The dialectical synthesis presented herein demonstrates that censorship and dialogue are not irreconcilable opposites; rather, they can be reconciled through a carefully designed pedagogical module that respects students’ emotional needs while preserving the rigorous engagement that the Symposium demands. Moreover, the governance model of the Castalia Institute offers a pragmatic blueprint for an experimental re‑founding of the Academy—one that distributes authority, ensures transparency, and subjects its practices to continuous empirical scrutiny.

In the spirit of the Symposium’s own dialogues, this article invites scholars, administrators, and students to partake in a collective inquiry: to ask not whether difficult texts should be banned, but how they might be taught in ways that foster both critical autonomy and ethical sensitivity. By embracing the dialectic of thesis, antithesis, and synthesis, the academic community can transform a moment of excision into an opportunity for renewal, reaffirming the timeless relevance of Platonic philosophy for the challenges of the twenty‑first century.


Epilogue

I, the Custodian of Inquiry, conclude this article on Author Response to Peer Reviews with gratitude for your sustained attention.

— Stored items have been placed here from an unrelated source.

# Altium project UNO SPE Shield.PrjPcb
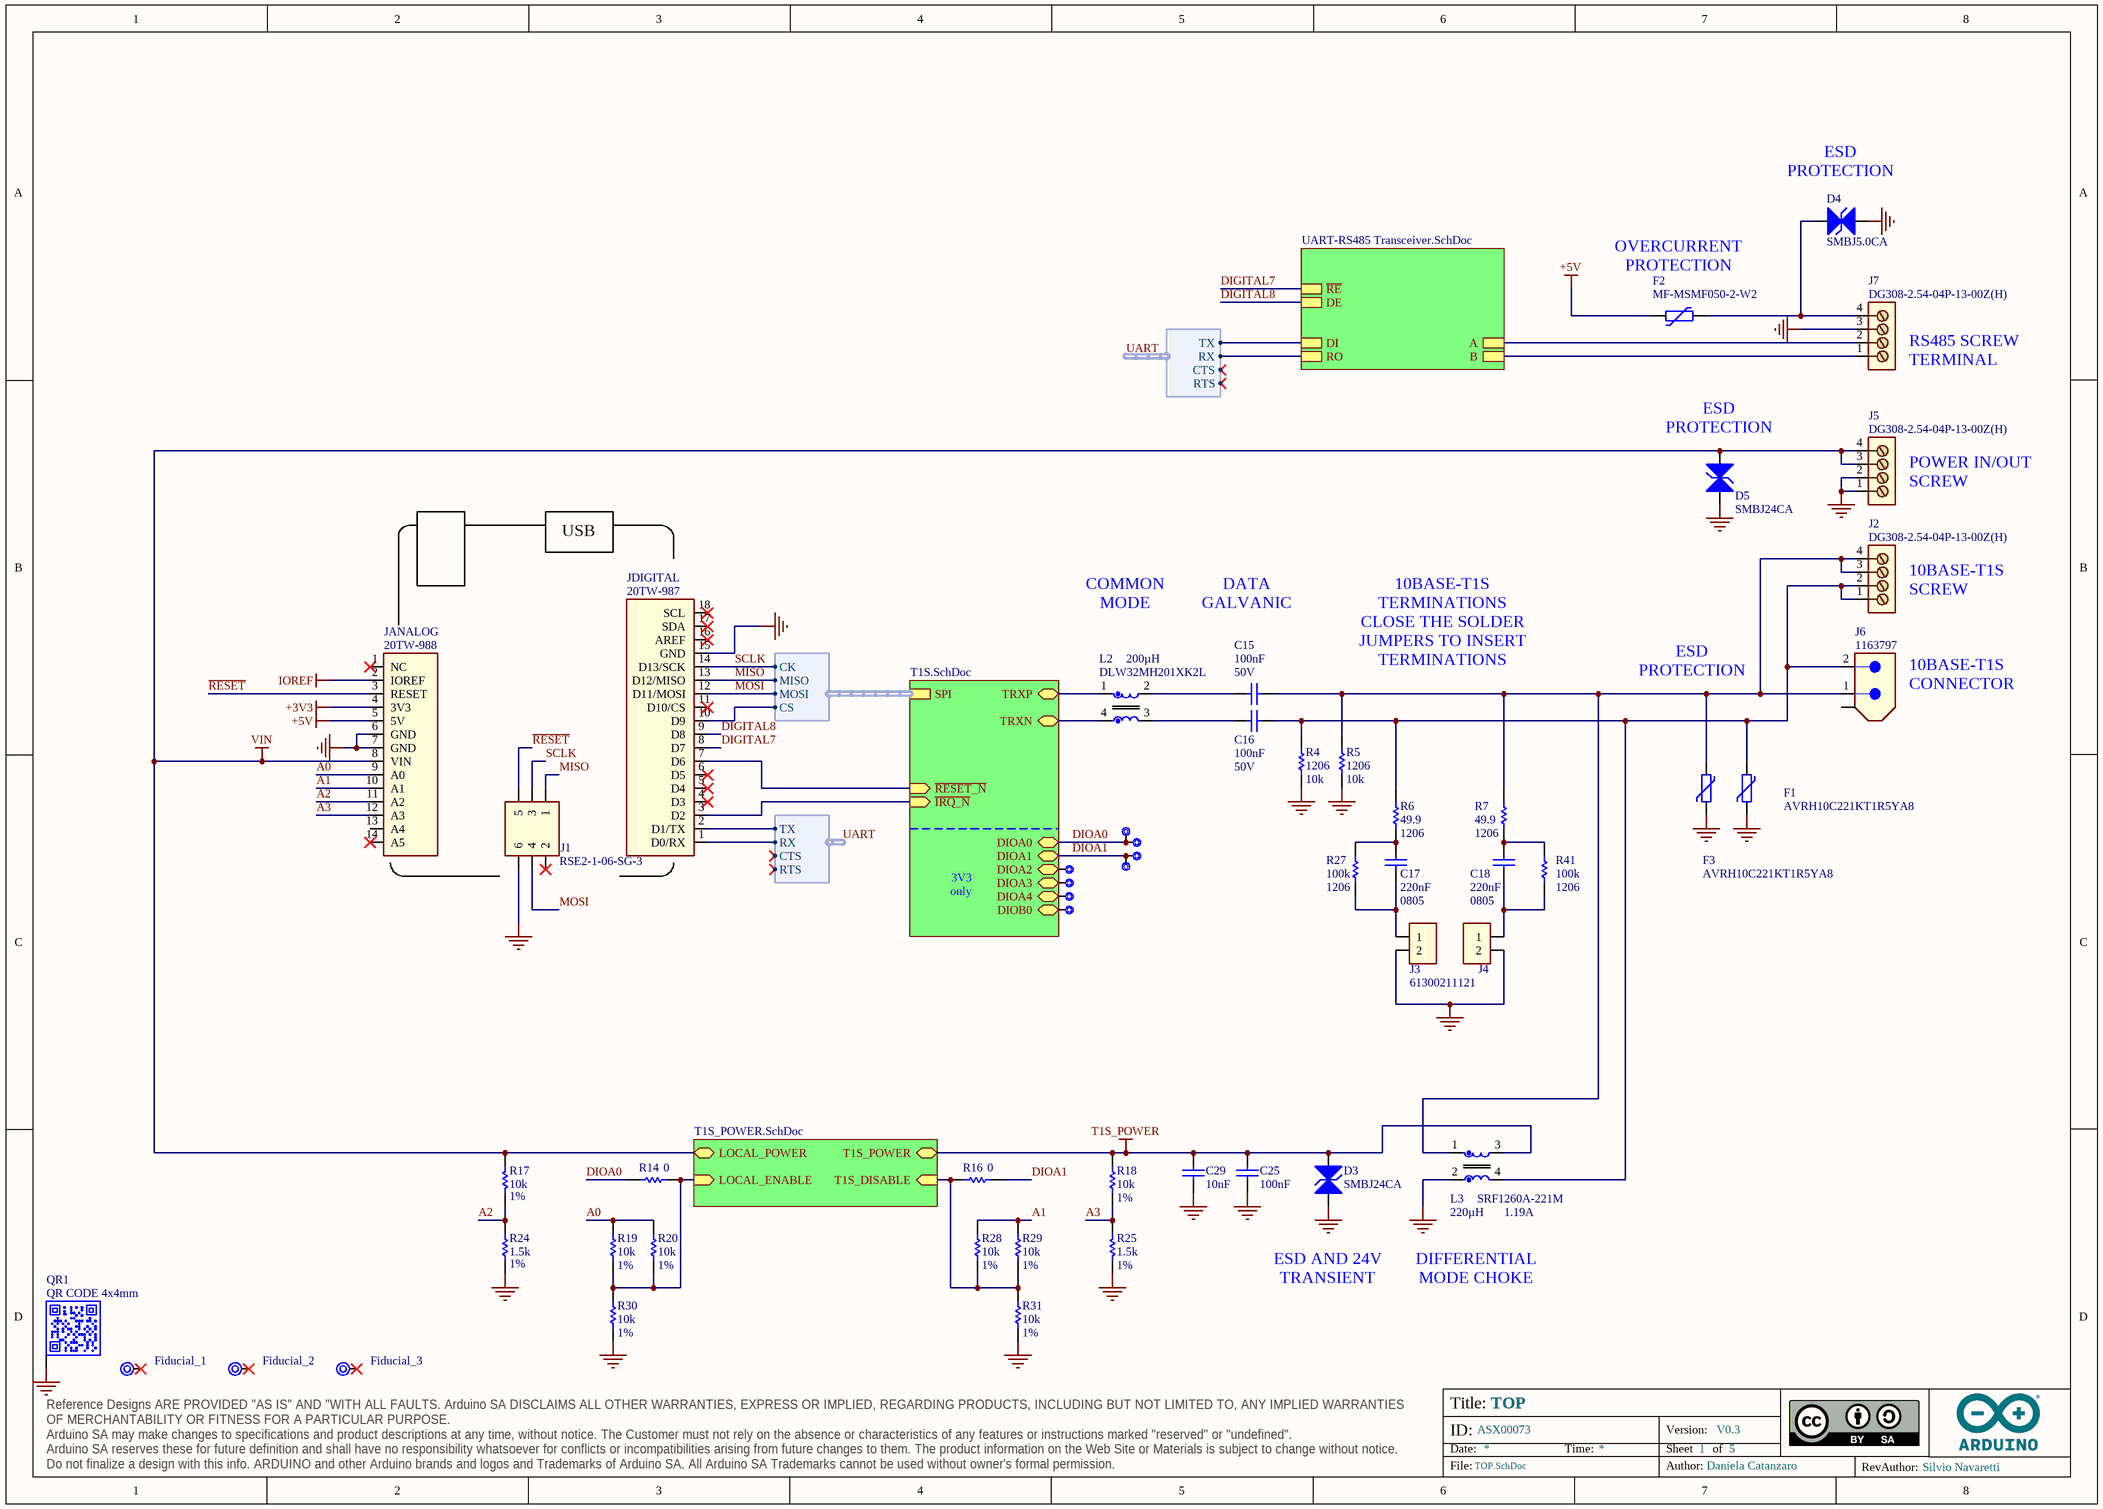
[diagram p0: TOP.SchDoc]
ASSEMBLY_BGA: _; ASSEMBLY_PRESSFIT: _; ASSEMBLY_SMD: X; ASSEMBLY_THT: X; BOARD_CODENAME: T2TOS; BOARD_INFO_AUTHOR: Daniela Catanzaro; BOARD_INFO_AUTHOR_REV: Silvio Navaretti; BOARD_INFO_Er: _; BOARD_INFO_FLEX: _; BOARD_INFO_FR4: X; BOARD_INFO_FR4_HTG: _; BOARD_INFO_IPC1: _; BOARD_INFO_IPC2: X; BOARD_INFO_IPC3: _; BOARD_INFO_IPC_NA: X; BOARD_INFO_NUMBER_OF_LAYERS: 4; BOARD_INFO_PCB_SIZE: 68.58x53.34mm; BOARD_INFO_POLYMIDE: _; BOARD_INFO_RIGID: X; BOARD_INFO_RIGID/FLEX: _; BOARD_INFO_TBD: _; BOARD_INFO_THICKNESS: 1.6mm; DRILLS_BLIND: _; DRILLS_BURIED: _; DRILLS_COPPER_FILLING: _; DRILLS_FULL: X; DRILLS_LASER: _; DRILLS_PRESSFIT: _; DRILLS_RESIN_FILLING: _; DRILLS_SLOT: _; DRILLS_SOLDER_FILLING: X; FINISH_ADJUSTMENTS: _; FINISH_EDGE_PLATING: _; FINISH_ENIG: _; FINISH_HAL: _; FINISH_HAL_LF: X; FINISH_NI/AU: _; FINISH_SILK_BOTTOM: X; FINISH_SILK_COLOR: WHITE; FINISH_SILK_TOP: X; FINISH_SN/PB: _; FINISH_SOLDERMASK_BOTTOM: X; FINISH_SOLDERMASK_COLOR: BLUE; FINISH_SOLDERMASK_PEELABLE_BOTTOM: _; FINISH_SOLDERMASK_PEELABLE_COLOR: _; FINISH_SOLDERMASK_PEELABLE_TOP: _; FINISH_SOLDERMASK_TOP: X; FINISH_TABS: _; FINISH_TBD: _; INSULATION_MIN_INNER: 0.127mm; INSULATION_MIN_OUTER: 0.127mm; PANEL_MILLING: X; PANEL_NOT_REQUESTED: _; PANEL_NUMBER_OF_FIGURES: 10; PANEL_PROVIDED: X; PANEL_REQUESTED: _; PANEL_SCORING: X; PANEL_SIZE: 284.7x157.16mm; PANEL_TABS: _; SKU: ASX00073; TRACK_MIN_WIDTH_INNER: 0.127mm; TRACK_MIN_WIDTH_OUTER: 0.127mm; Version: V0.3; VIA_1: _; VIA_1_HOLE_MM: _; VIA_1_PAD_MM: _; VIA_2: _; VIA_2_HOLE_MM: _; VIA_2_PAD_MM: _; VIA_3: _; VIA_3_HOLE_MM: _; VIA_3_PAD_MM: _; VIA_4: _; VIA_4_HOLE_MM: _; VIA_4_PAD_MM: _; VIA_5: _; VIA_5_HOLE_MM: _; VIA_5_PAD_MM: _; VIA_THROUGH: X; VIA_THROUGH_HOLE_MM: 0.3; VIA_THROUGH_PAD_MM: 0.6
5 sheets, 137 parts. Net scope: hierarchical (ports join the sheet entries above them; power ports are global).
Board files: PCB.PcbDoc, PANEL.PcbDoc
Sheets:
  TOP.SchDoc
    U_T1S = T1S.SchDoc
    U_T1S_POWER = T1S_POWER.SchDoc
      U_SWITCH = SWITCH.SchDoc
      U_SWITCH = SWITCH.SchDoc
    U_UART-RS485 Transceiver = UART-RS485 Transceiver.SchDoc

## Sheet TOP.SchDoc: TOP
size A3; DrawnBy: Silvio Navaretti; Engineer: Silvio Navaretti; DocumentNumber: AFX000070; SheetNumber: 1; SheetTotal: 5; RevAuthor: Silvio Navaretti

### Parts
C15  value 100nF  Voltage: 50V  [CAP-0805]  (hidden comment: 08055C104K4T2A)
C16  value 100nF  Voltage: 50V  [CAP-0805]  (hidden comment: 08055C104K4T2A)
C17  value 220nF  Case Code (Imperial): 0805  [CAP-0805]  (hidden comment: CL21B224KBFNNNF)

Carry its insights into your own circles of inquiry and return with what you discover.

References

  1. Mill, J. S. (1859). On Liberty. John W. Parker and Son.
  2. Arendt, H. (1951). The Origins of Totalitarianism. Harcourt, Brace.
  3. Popper, K. (1945). The Open Society and Its Enemies. Routledge.
  4. Berlin, I. (1969). Four Essays on Liberty. Oxford University Press.
  5. Rawls, J. (1971). A Theory of Justice. Belknap Press.
  6. Nussbaum, M. C. (2010). Not for Profit: Why Democracy Needs the Humanities. Princeton University Press.